The silliest aspect of Taxi is the supermodel angle. When they put out the DVD an interesting extra would be video of the pre-production meeting where some studio execs are sitting around discussing what elements they’re going to stuff into the “unnamed Queen Latifah/Jimmy Fallon buddy project”. They’ve already determined that he is going to play the stereotypical impotent (can’t drive) white guy in contrast to her only-slightly-out-of-the-envelope NASCAR-aspiring-street-wise black woman. When they realize that they need more – who are the villains? -- somebody suggests the supermodel bank robber concept – at least it hasn’t been done before (I think.) The scene in the meeting room where that concept is discussed could make the kind of “inside baseball” feature that adds value to a DVD. I’ll bet that there is a lot of humor – intentional and unintentional – in meetings like that. I just wish that I could have been a fly on the wall when the powers that be decided to green-light the concept of supermodel bank robbers. Not that supermodel bank robbers isn’t a funny concept – it is funny and it’s consistent with the tone of this movie. But the mental picture of a room full of Hollywood executives sitting around having a serious business discussion about supermodel bank robbers is funnier to me than the concept itself.

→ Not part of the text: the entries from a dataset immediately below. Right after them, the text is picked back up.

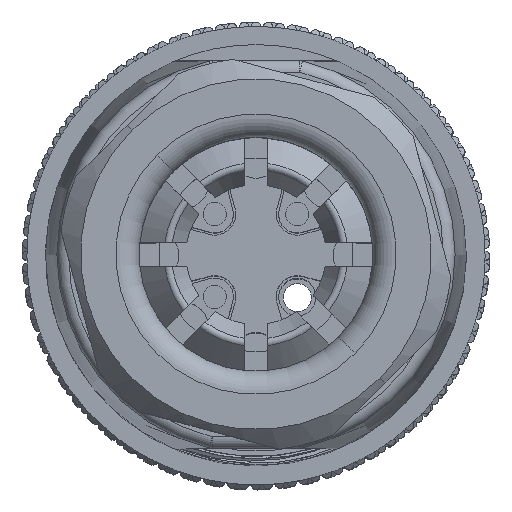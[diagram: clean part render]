
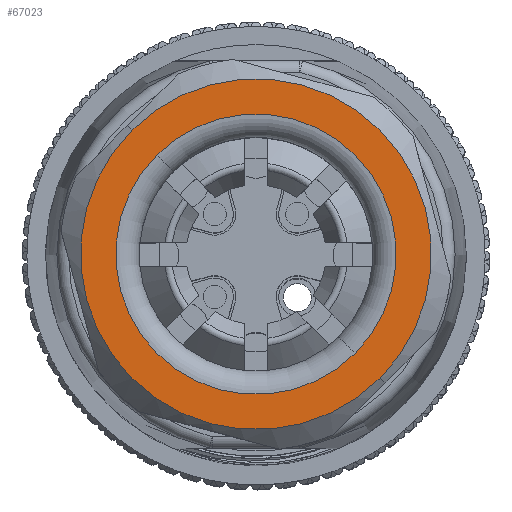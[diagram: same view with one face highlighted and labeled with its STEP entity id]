
A CAD part, top view. The second image highlights one B-rep face of the part: STEP entity #67023.
In plain terms, the highlighted planar face has unit normal (0, 0, 1).
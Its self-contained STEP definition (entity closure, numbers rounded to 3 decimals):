
#29456=CARTESIAN_POINT('',(0.,0.,
39.375));
#29457=DIRECTION('',(0.,0.,-1.));
#29458=DIRECTION('',(0.707,-0.707,0.));
#29459=AXIS2_PLACEMENT_3D('',#29456,#29457,#29458);
#29461=CARTESIAN_POINT('',(0.,0.,
39.375));
#29462=DIRECTION('',(0.,0.,-1.));
#29463=DIRECTION('',(-0.707,0.707,0.));
#29464=AXIS2_PLACEMENT_3D('',#29461,#29462,#29463);
#29466=CARTESIAN_POINT('',(0.,0.,
39.375));
#29467=DIRECTION('',(0.,0.,1.));
#29468=DIRECTION('',(-0.707,0.707,0.));
#29469=AXIS2_PLACEMENT_3D('',#29466,#29467,#29468);
#29471=CARTESIAN_POINT('',(0.,0.,
39.375));
#29472=DIRECTION('',(0.,0.,1.));
#29473=DIRECTION('',(0.707,-0.707,0.));
#29474=AXIS2_PLACEMENT_3D('',#29471,#29472,#29473);
#36398=CARTESIAN_POINT('',(4.243,-4.243,
39.375));
#36399=CARTESIAN_POINT('',(-4.243,4.243,
39.375));
#36400=VERTEX_POINT('',#36398);
#36401=VERTEX_POINT('',#36399);
#36402=CARTESIAN_POINT('',(5.308,-5.308,
39.375));
#36404=VERTEX_POINT('',#36402);
#36406=CARTESIAN_POINT('',(-5.308,5.308,
39.375));
#36408=VERTEX_POINT('',#36406);
#67007=CARTESIAN_POINT('',(0.,0.,
39.375));
#67008=DIRECTION('',(0.,0.,-1.));
#67009=DIRECTION('',(0.707,-0.707,0.));
#67010=AXIS2_PLACEMENT_3D('',#67007,#67008,#67009);
#67011=PLANE('',#67010);
#67013=ORIENTED_EDGE('',*,*,#67012,.F.);
#67014=ORIENTED_EDGE('',*,*,#66986,.F.);
#67015=EDGE_LOOP('',(#67013,#67014));
#67016=FACE_OUTER_BOUND('',#67015,.F.);
#67018=ORIENTED_EDGE('',*,*,#67017,.F.);
#67020=ORIENTED_EDGE('',*,*,#67019,.F.);
#67021=EDGE_LOOP('',(#67018,#67020));
#67022=FACE_BOUND('',#67021,.F.);
#67023=ADVANCED_FACE('',(#67016,#67022),#67011,.F.);
#29460=CIRCLE('',#29459,6.);
#29465=CIRCLE('',#29464,6.);
#29470=CIRCLE('',#29469,7.507);
#29475=CIRCLE('',#29474,7.507);
#66986=EDGE_CURVE('',#36404,#36408,#29475,.T.);
#67012=EDGE_CURVE('',#36408,#36404,#29470,.T.);
#67017=EDGE_CURVE('',#36400,#36401,#29460,.T.);
#67019=EDGE_CURVE('',#36401,#36400,#29465,.T.);
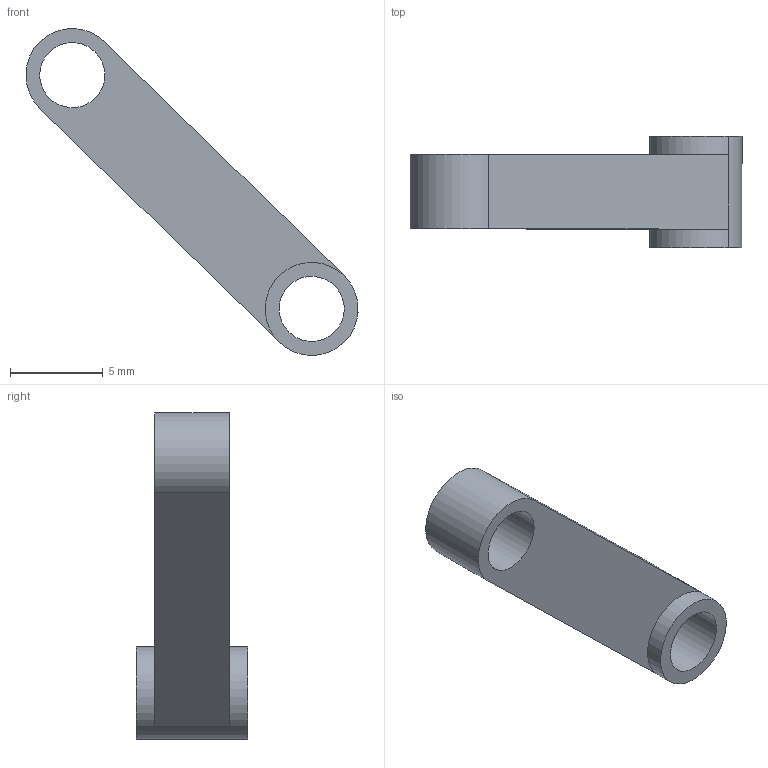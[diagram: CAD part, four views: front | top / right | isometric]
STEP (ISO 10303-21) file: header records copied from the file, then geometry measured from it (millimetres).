
FILE_DESCRIPTION( ('This file contains a STEP AP42 implementation' ,'as created by ZW3D STEP Interface translator.') ,'2;1' );
FILE_NAME( 'zkj-蟀裝.stp' ,'23 9 3.214431', (''), ('ZWCAD Software Co.'), 'Version 1.0', 'ZW3D to STEP translator', '' );
FILE_SCHEMA(('AUTOMOTIVE_DESIGN { 1 0 10303 214 1 1 1 1 }'));
Length unit declared in the file: millimetre
Products named in the file (2): 0; zkj-蟀裝
Bounding box: 17.86 x 6 x 17.56 mm (x, y, z)
Volume: 381.6 mm3; surface area: 529 mm2
Topology: 1 solids, 1 shells, 14 faces, 32 edges, 20 vertices
Faces by surface type: cylinder 8, plane 6
Entity records: 452 total; most frequent: DIRECTION 78, CARTESIAN_POINT 67, ORIENTED_EDGE 64, EDGE_CURVE 32, AXIS2_PLACEMENT_3D 31, VERTEX_POINT 20, EDGE_LOOP 18, CIRCLE 16
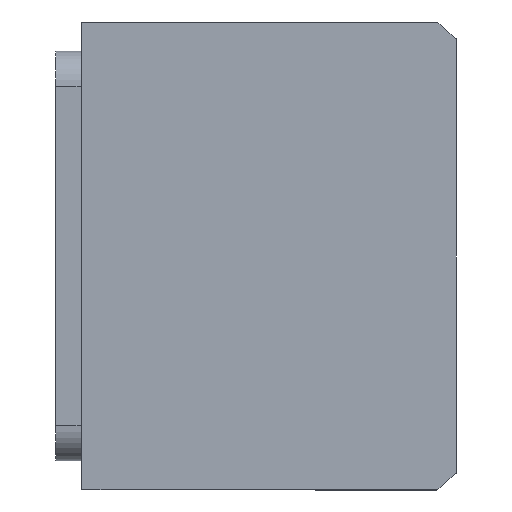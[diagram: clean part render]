
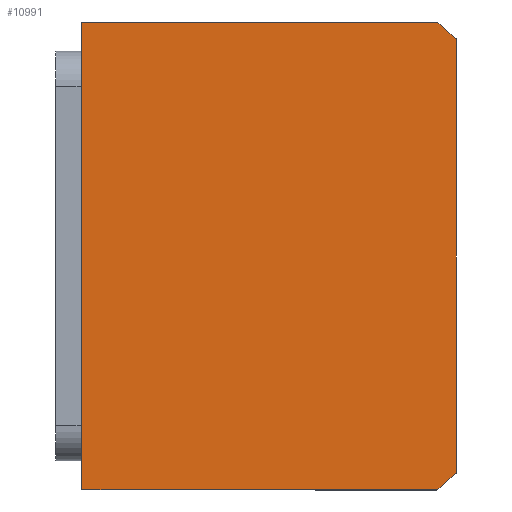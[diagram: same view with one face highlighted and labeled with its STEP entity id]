
A CAD part, front view. The second image highlights one B-rep face of the part: STEP entity #10991.
In plain terms, the highlighted planar face has unit normal (0, -1, 0) as drawn and (0, 0, -1) by its records, which use the part's own axes.
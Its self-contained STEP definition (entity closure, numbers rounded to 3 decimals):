
#181 = ORIENTED_EDGE ( 'NONE', *, *, #8867, .F. ) ;
#297 = CARTESIAN_POINT ( 'NONE',  ( 40., -11.507, 0. ) ) ;
#1183 = CIRCLE ( 'NONE', #2218, 51. ) ;
#1268 = VECTOR ( 'NONE', #1957, 1000. ) ;
#1461 = VERTEX_POINT ( 'NONE', #11106 ) ;
#1591 = LINE ( 'NONE', #11456, #1268 ) ;
#1957 = DIRECTION ( 'NONE',  ( -1., 0., 0. ) ) ;
#2218 = AXIS2_PLACEMENT_3D ( 'NONE', #9667, #3334, #10740 ) ;
#2486 = ORIENTED_EDGE ( 'NONE', *, *, #11589, .F. ) ;
#2674 = VERTEX_POINT ( 'NONE', #5207 ) ;
#2888 = VERTEX_POINT ( 'NONE', #12056 ) ;
#3190 = CARTESIAN_POINT ( 'NONE',  ( -40., -11.507, 0. ) ) ;
#3334 = DIRECTION ( 'NONE',  ( 0., 0., 1. ) ) ;
#3345 = DIRECTION ( 'NONE',  ( 1., 0., 0. ) ) ;
#3412 = DIRECTION ( 'NONE',  ( 0., 0., 1. ) ) ;
#3927 = LINE ( 'NONE', #13519, #12025 ) ;
#4033 = LINE ( 'NONE', #4523, #9314 ) ;
#4523 = CARTESIAN_POINT ( 'NONE',  ( -40., -75.507, 0. ) ) ;
#4884 = EDGE_CURVE ( 'NONE', #12336, #2674, #1591, .T. ) ;
#5191 = LINE ( 'NONE', #3190, #10488 ) ;
#5207 = CARTESIAN_POINT ( 'NONE',  ( -40., -11.507, 0. ) ) ;
#6041 = FACE_OUTER_BOUND ( 'NONE', #8614, .T. ) ;
#6890 = VERTEX_POINT ( 'NONE', #13234 ) ;
#7949 = ORIENTED_EDGE ( 'NONE', *, *, #4884, .F. ) ;
#8535 = VERTEX_POINT ( 'NONE', #12344 ) ;
#8611 = CARTESIAN_POINT ( 'NONE',  ( 0., 0., 0. ) ) ;
#8614 = EDGE_LOOP ( 'NONE', ( #8705, #2486, #7949, #11908, #181, #11520 ) ) ;
#8705 = ORIENTED_EDGE ( 'NONE', *, *, #13216, .F. ) ;
#8867 = EDGE_CURVE ( 'NONE', #8535, #1461, #13536, .T. ) ;
#9314 = VECTOR ( 'NONE', #10864, 1000. ) ;
#9667 = CARTESIAN_POINT ( 'NONE',  ( 0., -40.507, 0. ) ) ;
#9688 = DIRECTION ( 'NONE',  ( 0., 0., 1. ) ) ;
#9741 = CARTESIAN_POINT ( 'NONE',  ( 0., -40.507, 0. ) ) ;
#9783 = EDGE_CURVE ( 'NONE', #1461, #12336, #3927, .T. ) ;
#9933 = AXIS2_PLACEMENT_3D ( 'NONE', #8611, #9688, #3345 ) ;
#10261 = DIRECTION ( 'NONE',  ( 0., 1., 0. ) ) ;
#10351 = AXIS2_PLACEMENT_3D ( 'NONE', #9741, #3412, #10808 ) ;
#10488 = VECTOR ( 'NONE', #13752, 1000. ) ;
#10740 = DIRECTION ( 'NONE',  ( 1., 0., 0. ) ) ;
#10808 = DIRECTION ( 'NONE',  ( 1., 0., 0. ) ) ;
#10864 = DIRECTION ( 'NONE',  ( 1., 0., 0. ) ) ;
#10991 = ADVANCED_FACE ( 'NONE', ( #6041 ), #12732, .F. ) ;
#11106 = CARTESIAN_POINT ( 'NONE',  ( 40., -72.145, 0. ) ) ;
#11456 = CARTESIAN_POINT ( 'NONE',  ( -40., -11.507, 0. ) ) ;
#11520 = ORIENTED_EDGE ( 'NONE', *, *, #12326, .F. ) ;
#11589 = EDGE_CURVE ( 'NONE', #2674, #6890, #5191, .T. ) ;
#11908 = ORIENTED_EDGE ( 'NONE', *, *, #9783, .F. ) ;
#12025 = VECTOR ( 'NONE', #10261, 1000. ) ;
#12056 = CARTESIAN_POINT ( 'NONE',  ( -37.094, -75.507, 0. ) ) ;
#12326 = EDGE_CURVE ( 'NONE', #2888, #8535, #4033, .T. ) ;
#12336 = VERTEX_POINT ( 'NONE', #297 ) ;
#12344 = CARTESIAN_POINT ( 'NONE',  ( 37.094, -75.507, 0. ) ) ;
#12732 = PLANE ( 'NONE',  #9933 ) ;
#13216 = EDGE_CURVE ( 'NONE', #6890, #2888, #1183, .T. ) ;
#13234 = CARTESIAN_POINT ( 'NONE',  ( -40., -72.145, 0. ) ) ;
#13519 = CARTESIAN_POINT ( 'NONE',  ( 40., -11.507, 0. ) ) ;
#13536 = CIRCLE ( 'NONE', #10351, 51. ) ;
#13752 = DIRECTION ( 'NONE',  ( 0., -1., 0. ) ) ;

The producers of Taxi didn’t mess around in the casting of said supermodels. Headlining is Brazilian beauty Gisele Bundchen with Ana Cristina De Oliveira, Ingrid Vandebosch, and Magali Amadei rounding out her nefarious crew. They’re usually shot in slo-mo or striking a pose – just like real bank robbers – ha! -- right – so realistic! It’s all in fun though -- Taxi is a silly movie and the supermodel stuff is consistent with that overall feel.
Queen Latifah and Jimmy Fallon worked well together as mismatched buddies. The humor felt a little repetitive but I can’t fault the actors – the leads gave spirited performances. Ann-Margret was funny as Washburn’s alcoholic mother but the two significant others for the leads felt tacked on. In the typical, formulaic fashion both leads are having trouble in their relationships and help each other get over those problems after first appearing to cause more trouble with the boyfriend/girlfriend. The filmmakers would have been wise to leave those characters out – hey! -- they could have given us more slo-mo of Gisele! Overall – I can’t recommend this movie – but given the genre it’s not too bad – I’m not sorry that I saw it. Taxi has some redeeming qualities – the two leads, for example. Also, it’s the kind of movie that won’t lose much if transferred to DVD – the production design, etc. is unimpressive -- there aren’t any stunning visuals to be diminished. Director Tim Story did so well with Barbershop -- which ranked #8 on my Best of 2002 List on the strength of a clever script and a great ensemble cast -- Taxi is a big disappointment against that high standard.